• [Directions for this task]:
Using the records below, locate all lines containing "drawing" and return them.

• [Exercise data]:
____
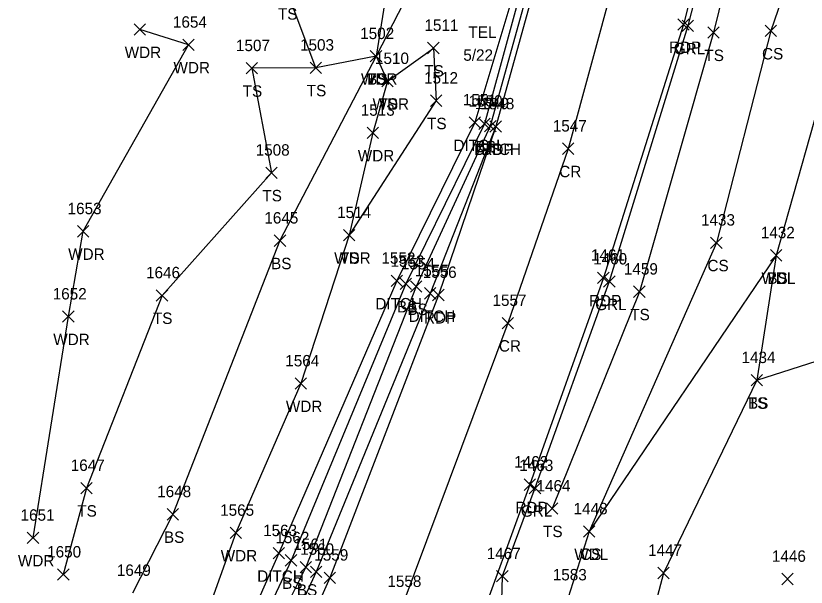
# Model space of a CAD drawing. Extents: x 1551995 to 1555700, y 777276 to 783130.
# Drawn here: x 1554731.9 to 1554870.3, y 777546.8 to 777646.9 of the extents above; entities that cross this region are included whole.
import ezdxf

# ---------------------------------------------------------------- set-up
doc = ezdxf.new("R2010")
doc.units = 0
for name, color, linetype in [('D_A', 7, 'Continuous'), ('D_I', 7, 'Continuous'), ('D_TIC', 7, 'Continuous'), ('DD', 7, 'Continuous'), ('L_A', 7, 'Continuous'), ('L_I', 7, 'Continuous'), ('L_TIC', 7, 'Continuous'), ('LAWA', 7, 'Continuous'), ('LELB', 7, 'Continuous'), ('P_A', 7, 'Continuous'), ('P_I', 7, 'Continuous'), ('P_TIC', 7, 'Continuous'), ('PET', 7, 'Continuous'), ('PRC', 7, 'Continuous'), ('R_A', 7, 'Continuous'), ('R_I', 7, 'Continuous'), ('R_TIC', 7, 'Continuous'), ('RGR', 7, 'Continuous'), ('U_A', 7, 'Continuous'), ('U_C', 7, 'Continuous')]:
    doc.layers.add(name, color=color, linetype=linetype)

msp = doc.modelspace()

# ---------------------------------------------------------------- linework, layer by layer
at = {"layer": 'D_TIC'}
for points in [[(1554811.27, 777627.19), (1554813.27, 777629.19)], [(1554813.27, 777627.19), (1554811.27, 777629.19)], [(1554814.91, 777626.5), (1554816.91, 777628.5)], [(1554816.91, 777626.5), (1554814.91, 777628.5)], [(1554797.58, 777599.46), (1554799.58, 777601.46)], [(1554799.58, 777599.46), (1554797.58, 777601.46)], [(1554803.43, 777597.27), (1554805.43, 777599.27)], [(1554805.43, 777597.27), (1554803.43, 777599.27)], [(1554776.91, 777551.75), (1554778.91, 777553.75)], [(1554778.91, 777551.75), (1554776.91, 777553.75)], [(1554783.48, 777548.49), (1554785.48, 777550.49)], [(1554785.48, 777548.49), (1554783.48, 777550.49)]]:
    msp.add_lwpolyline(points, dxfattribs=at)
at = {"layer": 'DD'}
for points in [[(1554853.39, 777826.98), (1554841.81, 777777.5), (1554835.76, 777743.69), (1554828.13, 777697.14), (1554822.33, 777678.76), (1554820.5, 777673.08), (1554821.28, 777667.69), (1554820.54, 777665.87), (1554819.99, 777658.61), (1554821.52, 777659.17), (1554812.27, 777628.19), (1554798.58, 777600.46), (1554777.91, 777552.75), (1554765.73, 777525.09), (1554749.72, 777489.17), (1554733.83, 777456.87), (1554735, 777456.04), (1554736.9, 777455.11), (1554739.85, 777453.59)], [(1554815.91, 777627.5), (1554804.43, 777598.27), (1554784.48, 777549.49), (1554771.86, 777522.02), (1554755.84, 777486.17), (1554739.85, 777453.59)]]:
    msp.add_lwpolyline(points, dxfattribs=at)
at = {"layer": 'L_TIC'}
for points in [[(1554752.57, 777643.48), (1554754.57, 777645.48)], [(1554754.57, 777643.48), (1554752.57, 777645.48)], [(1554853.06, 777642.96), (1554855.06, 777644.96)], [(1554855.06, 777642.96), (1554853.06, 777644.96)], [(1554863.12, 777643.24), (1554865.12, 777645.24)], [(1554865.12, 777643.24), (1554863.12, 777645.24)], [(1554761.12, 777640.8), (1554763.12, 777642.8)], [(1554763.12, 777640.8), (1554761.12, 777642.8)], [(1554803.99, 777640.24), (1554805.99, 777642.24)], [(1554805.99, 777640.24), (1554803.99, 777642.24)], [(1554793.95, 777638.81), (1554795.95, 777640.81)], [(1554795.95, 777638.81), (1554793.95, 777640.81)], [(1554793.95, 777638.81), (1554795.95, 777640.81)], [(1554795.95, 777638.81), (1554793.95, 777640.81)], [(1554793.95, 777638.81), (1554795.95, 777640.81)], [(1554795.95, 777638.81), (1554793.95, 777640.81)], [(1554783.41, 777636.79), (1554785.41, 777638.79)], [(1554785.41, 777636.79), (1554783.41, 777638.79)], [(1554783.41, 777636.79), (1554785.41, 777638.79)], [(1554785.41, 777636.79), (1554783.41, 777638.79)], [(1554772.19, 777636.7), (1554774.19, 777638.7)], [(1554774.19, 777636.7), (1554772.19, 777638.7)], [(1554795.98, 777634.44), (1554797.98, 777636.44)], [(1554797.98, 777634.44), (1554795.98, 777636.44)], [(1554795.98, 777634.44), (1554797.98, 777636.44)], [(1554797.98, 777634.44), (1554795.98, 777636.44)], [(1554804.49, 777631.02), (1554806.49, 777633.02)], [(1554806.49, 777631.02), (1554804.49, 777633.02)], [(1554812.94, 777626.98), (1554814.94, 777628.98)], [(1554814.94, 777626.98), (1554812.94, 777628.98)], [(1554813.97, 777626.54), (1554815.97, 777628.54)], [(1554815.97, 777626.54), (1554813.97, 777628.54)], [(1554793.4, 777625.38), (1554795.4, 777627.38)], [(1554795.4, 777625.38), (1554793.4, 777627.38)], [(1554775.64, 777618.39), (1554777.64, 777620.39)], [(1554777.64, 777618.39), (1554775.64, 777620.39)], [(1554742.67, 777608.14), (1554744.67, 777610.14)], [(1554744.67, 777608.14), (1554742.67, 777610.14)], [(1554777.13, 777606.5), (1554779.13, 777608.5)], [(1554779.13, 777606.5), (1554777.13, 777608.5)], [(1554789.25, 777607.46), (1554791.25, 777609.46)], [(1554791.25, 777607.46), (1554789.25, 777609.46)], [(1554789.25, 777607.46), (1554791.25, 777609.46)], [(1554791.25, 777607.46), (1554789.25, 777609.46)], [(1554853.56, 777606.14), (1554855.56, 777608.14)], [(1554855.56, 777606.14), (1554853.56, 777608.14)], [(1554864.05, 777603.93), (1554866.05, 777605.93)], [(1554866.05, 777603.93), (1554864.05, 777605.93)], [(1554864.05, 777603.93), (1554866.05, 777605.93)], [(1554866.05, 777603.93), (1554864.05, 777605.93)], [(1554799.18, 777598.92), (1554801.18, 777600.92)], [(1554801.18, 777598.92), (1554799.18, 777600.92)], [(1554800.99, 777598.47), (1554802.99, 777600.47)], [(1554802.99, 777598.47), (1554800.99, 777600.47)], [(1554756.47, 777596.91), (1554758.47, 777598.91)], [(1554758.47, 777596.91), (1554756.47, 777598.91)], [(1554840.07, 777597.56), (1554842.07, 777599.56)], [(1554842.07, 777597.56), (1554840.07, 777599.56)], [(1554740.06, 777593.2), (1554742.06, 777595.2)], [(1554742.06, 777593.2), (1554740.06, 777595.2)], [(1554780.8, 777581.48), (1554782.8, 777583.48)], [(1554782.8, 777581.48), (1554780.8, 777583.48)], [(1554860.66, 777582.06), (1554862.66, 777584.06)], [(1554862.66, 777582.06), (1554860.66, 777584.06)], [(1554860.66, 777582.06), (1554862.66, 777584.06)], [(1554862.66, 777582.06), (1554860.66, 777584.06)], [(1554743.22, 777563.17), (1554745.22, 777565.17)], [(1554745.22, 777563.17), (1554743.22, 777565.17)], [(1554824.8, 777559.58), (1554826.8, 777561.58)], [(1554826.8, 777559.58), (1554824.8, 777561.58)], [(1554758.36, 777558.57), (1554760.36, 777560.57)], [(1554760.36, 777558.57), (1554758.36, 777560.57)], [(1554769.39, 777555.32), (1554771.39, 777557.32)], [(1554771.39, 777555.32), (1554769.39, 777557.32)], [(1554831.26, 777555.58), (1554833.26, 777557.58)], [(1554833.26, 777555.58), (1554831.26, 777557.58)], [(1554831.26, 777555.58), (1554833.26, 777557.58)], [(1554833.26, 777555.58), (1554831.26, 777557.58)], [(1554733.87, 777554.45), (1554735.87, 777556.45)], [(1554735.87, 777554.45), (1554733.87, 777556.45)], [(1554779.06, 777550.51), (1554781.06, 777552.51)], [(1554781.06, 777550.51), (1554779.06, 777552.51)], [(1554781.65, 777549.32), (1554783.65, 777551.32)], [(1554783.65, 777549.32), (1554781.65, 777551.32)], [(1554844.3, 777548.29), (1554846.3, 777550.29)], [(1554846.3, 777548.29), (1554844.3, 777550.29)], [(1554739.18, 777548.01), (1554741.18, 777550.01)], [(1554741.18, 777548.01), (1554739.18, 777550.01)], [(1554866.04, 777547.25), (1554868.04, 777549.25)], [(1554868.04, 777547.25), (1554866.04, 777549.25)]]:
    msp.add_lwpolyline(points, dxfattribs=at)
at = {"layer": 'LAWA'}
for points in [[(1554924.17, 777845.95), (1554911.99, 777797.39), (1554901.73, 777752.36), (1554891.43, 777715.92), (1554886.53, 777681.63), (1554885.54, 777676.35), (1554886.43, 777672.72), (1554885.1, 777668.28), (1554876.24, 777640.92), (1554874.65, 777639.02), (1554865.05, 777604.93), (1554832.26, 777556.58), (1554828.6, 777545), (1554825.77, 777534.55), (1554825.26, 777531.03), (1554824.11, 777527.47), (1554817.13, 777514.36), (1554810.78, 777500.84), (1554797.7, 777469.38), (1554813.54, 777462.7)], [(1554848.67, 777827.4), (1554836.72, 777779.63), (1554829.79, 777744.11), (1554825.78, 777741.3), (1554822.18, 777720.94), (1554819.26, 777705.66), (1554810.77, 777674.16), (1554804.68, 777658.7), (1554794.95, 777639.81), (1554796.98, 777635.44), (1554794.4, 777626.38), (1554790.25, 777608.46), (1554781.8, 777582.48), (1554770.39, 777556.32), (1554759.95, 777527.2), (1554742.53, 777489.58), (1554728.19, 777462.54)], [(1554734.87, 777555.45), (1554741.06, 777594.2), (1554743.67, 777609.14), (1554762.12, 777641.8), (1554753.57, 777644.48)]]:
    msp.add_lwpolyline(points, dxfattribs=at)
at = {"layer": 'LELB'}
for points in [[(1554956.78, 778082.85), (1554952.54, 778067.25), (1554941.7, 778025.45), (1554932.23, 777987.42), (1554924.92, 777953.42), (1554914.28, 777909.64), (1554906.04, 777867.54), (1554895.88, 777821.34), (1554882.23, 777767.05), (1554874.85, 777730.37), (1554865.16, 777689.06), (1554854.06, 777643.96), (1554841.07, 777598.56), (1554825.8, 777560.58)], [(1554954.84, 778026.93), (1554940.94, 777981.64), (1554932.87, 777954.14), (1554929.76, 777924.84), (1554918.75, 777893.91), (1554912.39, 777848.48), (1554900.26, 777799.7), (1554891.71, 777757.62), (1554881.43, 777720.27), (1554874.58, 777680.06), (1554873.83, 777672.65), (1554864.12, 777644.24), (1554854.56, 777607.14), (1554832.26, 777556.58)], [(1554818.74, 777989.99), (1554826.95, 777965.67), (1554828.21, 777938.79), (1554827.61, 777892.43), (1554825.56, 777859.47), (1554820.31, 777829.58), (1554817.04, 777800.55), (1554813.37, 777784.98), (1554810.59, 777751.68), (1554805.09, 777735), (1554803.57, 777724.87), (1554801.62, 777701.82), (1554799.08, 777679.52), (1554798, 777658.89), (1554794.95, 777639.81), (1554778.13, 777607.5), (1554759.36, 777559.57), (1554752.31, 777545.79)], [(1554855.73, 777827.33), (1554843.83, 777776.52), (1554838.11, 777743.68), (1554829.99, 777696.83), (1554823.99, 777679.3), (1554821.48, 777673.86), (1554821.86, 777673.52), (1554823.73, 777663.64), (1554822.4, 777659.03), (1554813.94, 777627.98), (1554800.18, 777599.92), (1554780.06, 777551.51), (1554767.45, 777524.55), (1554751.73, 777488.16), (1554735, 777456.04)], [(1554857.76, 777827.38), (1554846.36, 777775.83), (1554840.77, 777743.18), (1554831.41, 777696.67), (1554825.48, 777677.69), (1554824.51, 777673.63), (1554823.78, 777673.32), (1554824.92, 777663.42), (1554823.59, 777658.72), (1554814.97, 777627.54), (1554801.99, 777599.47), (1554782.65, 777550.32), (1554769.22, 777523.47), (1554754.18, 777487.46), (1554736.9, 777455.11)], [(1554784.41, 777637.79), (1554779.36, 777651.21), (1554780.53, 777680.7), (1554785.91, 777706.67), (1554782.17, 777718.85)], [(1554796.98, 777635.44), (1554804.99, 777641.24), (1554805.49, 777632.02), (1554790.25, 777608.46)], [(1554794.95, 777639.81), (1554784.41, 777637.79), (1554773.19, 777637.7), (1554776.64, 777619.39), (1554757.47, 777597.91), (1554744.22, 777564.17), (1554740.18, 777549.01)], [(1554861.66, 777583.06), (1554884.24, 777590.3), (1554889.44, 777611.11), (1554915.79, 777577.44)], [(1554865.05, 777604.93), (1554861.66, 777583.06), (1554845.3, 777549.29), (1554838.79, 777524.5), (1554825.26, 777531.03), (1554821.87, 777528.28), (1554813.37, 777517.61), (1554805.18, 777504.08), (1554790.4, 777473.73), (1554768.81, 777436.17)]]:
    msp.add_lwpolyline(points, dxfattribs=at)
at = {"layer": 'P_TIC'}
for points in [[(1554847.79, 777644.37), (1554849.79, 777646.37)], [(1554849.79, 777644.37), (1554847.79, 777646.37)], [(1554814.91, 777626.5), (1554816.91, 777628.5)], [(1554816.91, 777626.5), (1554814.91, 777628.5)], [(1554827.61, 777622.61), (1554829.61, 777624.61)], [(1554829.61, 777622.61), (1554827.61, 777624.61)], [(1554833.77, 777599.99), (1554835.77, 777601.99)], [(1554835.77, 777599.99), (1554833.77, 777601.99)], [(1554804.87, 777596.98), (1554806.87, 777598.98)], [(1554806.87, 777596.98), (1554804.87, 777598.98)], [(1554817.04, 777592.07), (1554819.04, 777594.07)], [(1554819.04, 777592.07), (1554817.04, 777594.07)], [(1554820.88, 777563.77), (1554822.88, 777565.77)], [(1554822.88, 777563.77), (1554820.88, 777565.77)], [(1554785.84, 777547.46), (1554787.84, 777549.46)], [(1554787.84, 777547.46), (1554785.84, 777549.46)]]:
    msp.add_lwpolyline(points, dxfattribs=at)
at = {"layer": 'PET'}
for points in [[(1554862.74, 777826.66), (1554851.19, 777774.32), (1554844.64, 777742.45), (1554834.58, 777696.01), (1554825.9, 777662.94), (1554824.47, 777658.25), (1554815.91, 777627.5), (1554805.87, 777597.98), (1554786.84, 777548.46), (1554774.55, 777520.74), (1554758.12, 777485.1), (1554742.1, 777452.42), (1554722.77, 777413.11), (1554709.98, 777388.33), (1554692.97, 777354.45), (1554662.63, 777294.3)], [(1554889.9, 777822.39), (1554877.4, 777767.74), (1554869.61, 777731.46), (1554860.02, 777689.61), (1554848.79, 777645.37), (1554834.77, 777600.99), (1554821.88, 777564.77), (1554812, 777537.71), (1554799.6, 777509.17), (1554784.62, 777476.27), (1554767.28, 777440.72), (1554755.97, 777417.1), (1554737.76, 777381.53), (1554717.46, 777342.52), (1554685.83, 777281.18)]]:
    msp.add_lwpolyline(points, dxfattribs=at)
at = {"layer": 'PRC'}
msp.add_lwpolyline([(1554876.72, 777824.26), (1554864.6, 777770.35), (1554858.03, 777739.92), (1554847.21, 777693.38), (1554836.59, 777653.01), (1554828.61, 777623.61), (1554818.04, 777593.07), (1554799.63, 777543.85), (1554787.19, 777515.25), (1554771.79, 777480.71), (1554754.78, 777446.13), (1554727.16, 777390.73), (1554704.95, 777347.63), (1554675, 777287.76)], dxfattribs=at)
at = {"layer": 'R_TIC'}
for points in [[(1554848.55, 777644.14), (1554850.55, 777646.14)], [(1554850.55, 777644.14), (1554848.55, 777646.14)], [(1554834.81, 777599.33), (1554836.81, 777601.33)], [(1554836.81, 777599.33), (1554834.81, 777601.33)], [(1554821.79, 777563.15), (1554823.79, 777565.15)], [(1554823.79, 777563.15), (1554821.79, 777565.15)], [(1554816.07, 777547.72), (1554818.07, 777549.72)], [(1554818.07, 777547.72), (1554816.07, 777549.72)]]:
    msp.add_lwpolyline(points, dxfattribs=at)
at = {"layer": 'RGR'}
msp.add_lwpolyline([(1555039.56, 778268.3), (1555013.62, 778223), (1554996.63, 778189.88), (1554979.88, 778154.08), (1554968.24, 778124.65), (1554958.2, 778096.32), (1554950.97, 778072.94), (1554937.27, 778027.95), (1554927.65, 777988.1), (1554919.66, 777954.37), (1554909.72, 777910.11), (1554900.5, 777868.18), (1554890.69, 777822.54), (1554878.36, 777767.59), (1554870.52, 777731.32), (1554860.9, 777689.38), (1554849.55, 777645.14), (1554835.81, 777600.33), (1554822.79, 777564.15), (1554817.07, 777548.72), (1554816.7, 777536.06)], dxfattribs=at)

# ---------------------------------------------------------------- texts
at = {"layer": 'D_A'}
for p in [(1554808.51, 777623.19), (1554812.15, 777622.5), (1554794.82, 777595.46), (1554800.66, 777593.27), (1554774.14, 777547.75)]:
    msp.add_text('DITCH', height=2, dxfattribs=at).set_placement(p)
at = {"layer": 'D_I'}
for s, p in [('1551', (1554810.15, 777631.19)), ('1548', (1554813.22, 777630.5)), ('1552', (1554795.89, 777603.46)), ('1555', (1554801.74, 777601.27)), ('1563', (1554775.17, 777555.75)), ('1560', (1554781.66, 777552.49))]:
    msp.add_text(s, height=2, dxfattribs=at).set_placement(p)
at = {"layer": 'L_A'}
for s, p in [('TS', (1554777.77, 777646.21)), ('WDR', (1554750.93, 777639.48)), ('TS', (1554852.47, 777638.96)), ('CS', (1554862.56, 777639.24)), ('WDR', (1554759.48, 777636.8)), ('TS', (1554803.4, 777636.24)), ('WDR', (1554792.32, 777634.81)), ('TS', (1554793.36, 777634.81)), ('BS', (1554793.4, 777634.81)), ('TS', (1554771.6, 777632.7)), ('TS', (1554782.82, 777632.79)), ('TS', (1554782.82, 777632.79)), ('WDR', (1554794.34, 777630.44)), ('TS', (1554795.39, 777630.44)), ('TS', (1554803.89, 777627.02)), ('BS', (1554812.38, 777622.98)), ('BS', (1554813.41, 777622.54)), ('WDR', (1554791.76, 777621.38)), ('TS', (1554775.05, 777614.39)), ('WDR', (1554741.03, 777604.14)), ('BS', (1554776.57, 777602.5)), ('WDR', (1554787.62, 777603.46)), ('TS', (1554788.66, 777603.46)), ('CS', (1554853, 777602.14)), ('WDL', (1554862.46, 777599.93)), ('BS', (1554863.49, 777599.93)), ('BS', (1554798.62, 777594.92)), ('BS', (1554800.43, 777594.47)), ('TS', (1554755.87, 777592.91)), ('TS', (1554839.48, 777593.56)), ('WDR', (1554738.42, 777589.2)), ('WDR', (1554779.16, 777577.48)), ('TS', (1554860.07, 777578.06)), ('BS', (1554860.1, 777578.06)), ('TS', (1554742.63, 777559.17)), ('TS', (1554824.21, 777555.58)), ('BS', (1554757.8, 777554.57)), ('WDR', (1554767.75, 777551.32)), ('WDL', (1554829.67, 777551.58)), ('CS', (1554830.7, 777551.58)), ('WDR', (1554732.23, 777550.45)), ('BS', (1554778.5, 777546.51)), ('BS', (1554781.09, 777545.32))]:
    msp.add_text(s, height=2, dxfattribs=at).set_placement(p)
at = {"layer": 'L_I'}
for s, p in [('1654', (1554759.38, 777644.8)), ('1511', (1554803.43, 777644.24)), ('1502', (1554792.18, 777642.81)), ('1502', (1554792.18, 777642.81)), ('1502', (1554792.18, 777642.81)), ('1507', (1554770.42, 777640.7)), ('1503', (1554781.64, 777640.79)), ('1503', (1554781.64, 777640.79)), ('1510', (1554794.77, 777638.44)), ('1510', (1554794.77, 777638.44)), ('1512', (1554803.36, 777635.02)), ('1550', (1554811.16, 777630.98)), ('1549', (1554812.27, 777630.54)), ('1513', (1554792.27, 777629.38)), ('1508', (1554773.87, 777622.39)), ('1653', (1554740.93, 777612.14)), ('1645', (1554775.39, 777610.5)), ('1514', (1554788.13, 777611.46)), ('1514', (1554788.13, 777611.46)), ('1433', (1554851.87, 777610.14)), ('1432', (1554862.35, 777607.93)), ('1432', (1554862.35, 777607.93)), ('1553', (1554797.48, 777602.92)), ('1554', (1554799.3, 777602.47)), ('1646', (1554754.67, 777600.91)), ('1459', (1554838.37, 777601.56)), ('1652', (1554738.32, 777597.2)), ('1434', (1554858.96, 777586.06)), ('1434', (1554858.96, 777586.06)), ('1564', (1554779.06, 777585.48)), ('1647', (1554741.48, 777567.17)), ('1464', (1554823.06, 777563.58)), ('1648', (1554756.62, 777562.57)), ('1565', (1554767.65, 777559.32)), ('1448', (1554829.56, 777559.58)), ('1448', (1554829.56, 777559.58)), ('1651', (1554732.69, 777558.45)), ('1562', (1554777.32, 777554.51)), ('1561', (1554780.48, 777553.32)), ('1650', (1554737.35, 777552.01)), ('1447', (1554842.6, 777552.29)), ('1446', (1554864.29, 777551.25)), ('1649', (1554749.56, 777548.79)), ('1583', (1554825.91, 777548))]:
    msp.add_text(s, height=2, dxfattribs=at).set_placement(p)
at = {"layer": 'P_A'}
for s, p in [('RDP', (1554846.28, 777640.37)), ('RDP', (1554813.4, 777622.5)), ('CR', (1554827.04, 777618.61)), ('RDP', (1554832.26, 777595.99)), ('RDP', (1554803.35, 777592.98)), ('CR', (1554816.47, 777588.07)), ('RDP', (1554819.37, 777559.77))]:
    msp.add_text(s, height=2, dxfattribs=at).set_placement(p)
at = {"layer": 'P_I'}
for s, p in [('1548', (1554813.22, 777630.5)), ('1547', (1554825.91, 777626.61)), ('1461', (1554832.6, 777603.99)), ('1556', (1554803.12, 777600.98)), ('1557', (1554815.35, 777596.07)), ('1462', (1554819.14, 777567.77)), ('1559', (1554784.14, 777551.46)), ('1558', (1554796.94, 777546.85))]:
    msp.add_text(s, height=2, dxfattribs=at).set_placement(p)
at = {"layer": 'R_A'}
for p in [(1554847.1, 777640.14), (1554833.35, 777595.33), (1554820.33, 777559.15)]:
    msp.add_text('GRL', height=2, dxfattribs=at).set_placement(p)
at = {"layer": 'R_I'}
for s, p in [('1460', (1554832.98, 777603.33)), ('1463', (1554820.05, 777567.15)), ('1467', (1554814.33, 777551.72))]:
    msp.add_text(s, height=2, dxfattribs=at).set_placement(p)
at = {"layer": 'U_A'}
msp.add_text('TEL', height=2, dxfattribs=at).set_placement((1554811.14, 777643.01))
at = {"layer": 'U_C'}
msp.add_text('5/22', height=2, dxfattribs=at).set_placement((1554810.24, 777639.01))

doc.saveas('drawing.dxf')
____
• [Written response]:
# Model space of a CAD drawing. Extents: x 1551995 to 1555700, y 777276 to 783130.
doc.saveas('drawing.dxf')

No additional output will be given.